Among the records, find the lines that hold the string "DECAL" and return them.

START SUPPLIED MATERIAL

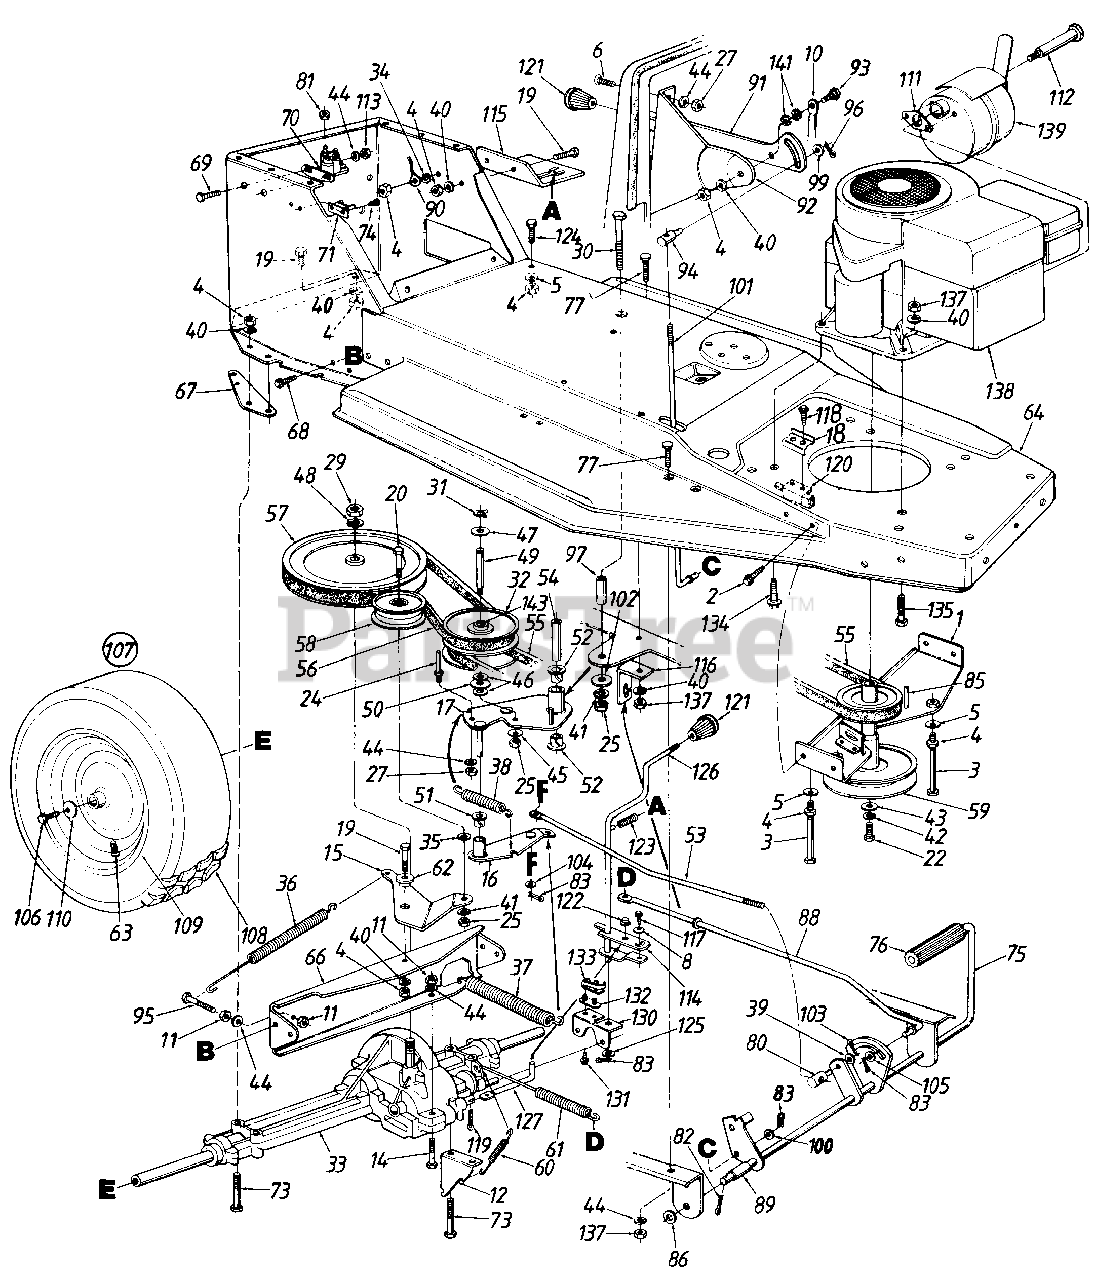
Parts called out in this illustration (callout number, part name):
1	Engine Pulley Belt Guard Ass'y.
2	Hex AB-Tap Scr. 1/4 x .62"
3	Hex Bolt 5/16-18 x 51/4" Lg.
4	Hex Nut 5/16-18 Thd.
5	Bell-Wash. .345" I.D. x .88
6	Truss-Mach. Scr. 1/4-20 x .50" Lg.
8	Bell-Wash. .265" I.D. x .75
10	Speed Selector Brace
11	Hex Nut 1/4-28 Thd.*
12	Spring Retainer Brkt.
14	Hex Bolt 1/4-28 x 1.75" Lg.
17	Variable Speed Brkt. Ass'y.
18	Switch Plate
19	Hex Bolt 5/16-18 x .75" Lg.
20	Hex Bolt 3/8-24 x 2.0" Lg. Grade 5
22	Hex Bolt 7/16-20 x 1.5" Lg.
24	Belt Guard Pin
25	Hex Nut 3/8-24 Thd.
27	Hex Nut 1/4-20 Thd.
29	Hex Jam Nut 1/2-20 Thd.
30	Hex Bolt 3/8-24 x 3.75" Lg.
31	Snap Ring
32	Variable Speed Pulley Ass'y.
33	Transaxle Complete
34	Ext. L-Wash. 5/16" I.D.
35	Fl-Wash. 3/8" I.D. x 1.0" O.D.
36	Extension Spring 6.12" Lg.
37	Extension Spring 7.5" Lg.
38	Extension Spring 2 69" Lg.
39	Fl-Wash. 885" I.D. x .620"
40	L-Wash. 5/16" I.D.
41	L-Wash. 8/8" I.D.
42	L-Wash. 7/16" I.D.
43	Fl-Wash. .450" I.D. x 1.25"
44	L-Wash. 1/4" I.D.
45	Bell-Wash. .39" I.D. x 1.13"
46	Fl-Wash. 56" I.D. x 1.0" O.D.
47	Washer "Teflon" .565 I.D.
48	Bell-Wash. 1/2" I.D. x 1.0" O.D.
49	Shaft .56" Dia. x 8 .375" Lg.
50	Thrust Brg. 1.25 O.D.
51	Flanged Nyliner Brg.
52	Nyliner Flanged Brg.
53	Speed Control Rod
54	Spacer
55	V-Belt
56	V-Belt
57	V-Pulley
58	Idler Pulley 3-1/8" Dia.
59	Dbl. Pulley 6.0" Dia. x 3.56"
60	Extension Spring 3.18" Lg.
61	Extension Spring 7.08" Lg.
62	Shld. Spacer .500" Dia.
63	Air Valve
66	Transaxle Support Brkt.
69	Hex Bolt 1/4-20 x .62" Lg.
70	Solenoid
71	Circuit Breaker
73	Hex Bolt 5/16-18 x 2.75" Lg.
74	Truss Mach. B-Tap Scr. #10 x.50" Lg.
75	Foot Pedal Rod Ass'y.
76	Foot Pad
77	Ribbed Neck Bolt 5/16-24 x .84" Lg.
80	Ferrule
81	Hex Sems Nut 1/4-20 Thd.
82	Cot-Pin 1/8" Dia. x 1.25" Lg.
83	Cot-Pin 3/32" Dia. x .75" Lg.
85	Sq. Key 1/4 x 2.0" Lg.
86	Fl-Wash. .635" I.D. x 1.0"
88	Brake Rod
89	Spacer 5/8" I.D. x 1.2" Lg.
90	Ground Wire 7.25" Lg.
91	Speed Selector Lever
92	5 Speed Selector Brkt.
93	Shld. Bolt .437" Dia. x .47" Lg.
94	Ferrule
95	Hex Bolt 1/4-28 x 1.25" Lg.
96	Intern. Cot-Pin 5/16" Dia.
97	Spacer .375" I.D. x .625"
99	Fl-Wash. .344" I.D. x .62"
100	Fl-Wash. .25" I.D. x .62" O.D.
101	Speed Control Rod
102	Fl-Wash. 3/8" I.D. x .1" O.D.
103	Cot-Pin 1/8" Dia. x 1.0" Lg.
104	Fl-Wash. .34" I.D. x .68"
105	Fl-Wash. .34" I.D.
106	Hex L-Bolt 5/16-24 x .75" Lg.
107	Rear Wheel Ass'y. Comp.
110	Bell-Wash. .345" I.D. x .88"
113	Hex Jam Nut 1/4-20 Thd.
114	Shift Lever Adjusting Link
115	Shift Lever Spring Brkt.
118	Hex B-Tap Scr. #10 x .38" Lg.
119	Intern. Cotter Pin
120	Safety Switch
121	Knob
122	Retaining Ring
123	Compression Spring 1.5" Lg.
124	Hex Wash. Hd. Scr. 5/16-18 x .62" Lg.
125	Fl-Wash. .469" I.D. x .88"
130	Shift Lever Support
131	Hex Wash. Hd. #8 x .50" Lg.
132	Insulator Nut Plate
133	Spring Switch
134	Hex Wash. Hd. Tap Scr. 3/8-16 x 1.25" Lg.
135	Hex Bolt 5/16-24 x 1-1/4" Lg. Grade 5
137	Hex Nut 5/16-24 Thd.
138	Engine
139	Muffler
141	Wave Wash. .445" I.D.
143	Needle Brg.
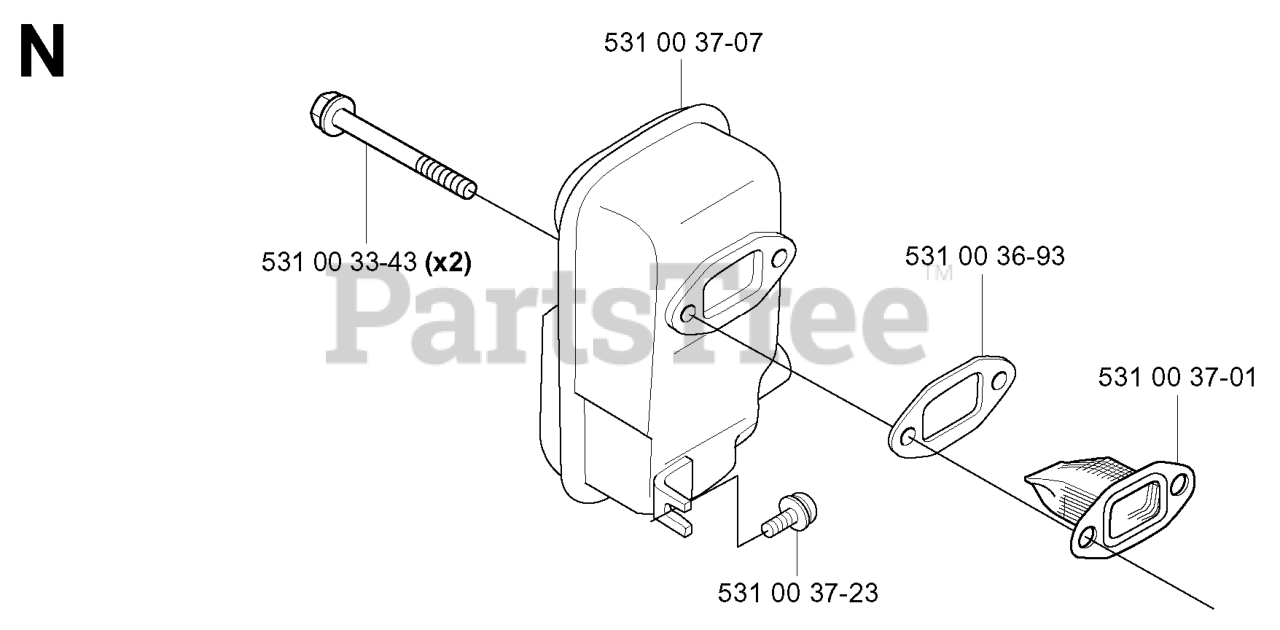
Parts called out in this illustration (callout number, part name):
1	LABEL
2	RP.DECAL.BADGE.170MM.TEXTLOGO
3	DECAL
6	DECAL 80 DBA
7	DECAL.INTERNATIONL.CUTFINGER
8	DECAL
9	DECAL BTRY SYMBOLS
10	DECAL PARK BRAKE
11	DECAL, DEFLECT WARNING
12	DECAL.V-BELT.SCHEMATIC.36/38/9
13	DECAL

END SUPPLIED MATERIAL

OUTPUT OF THE TASK:
2	RP.DECAL.BADGE.170MM.TEXTLOGO
3	DECAL
6	DECAL 80 DBA
7	DECAL.INTERNATIONL.CUTFINGER
8	DECAL
9	DECAL BTRY SYMBOLS
10	DECAL PARK BRAKE
11	DECAL, DEFLECT WARNING
12	DECAL.V-BELT.SCHEMATIC.36/38/9
13	DECAL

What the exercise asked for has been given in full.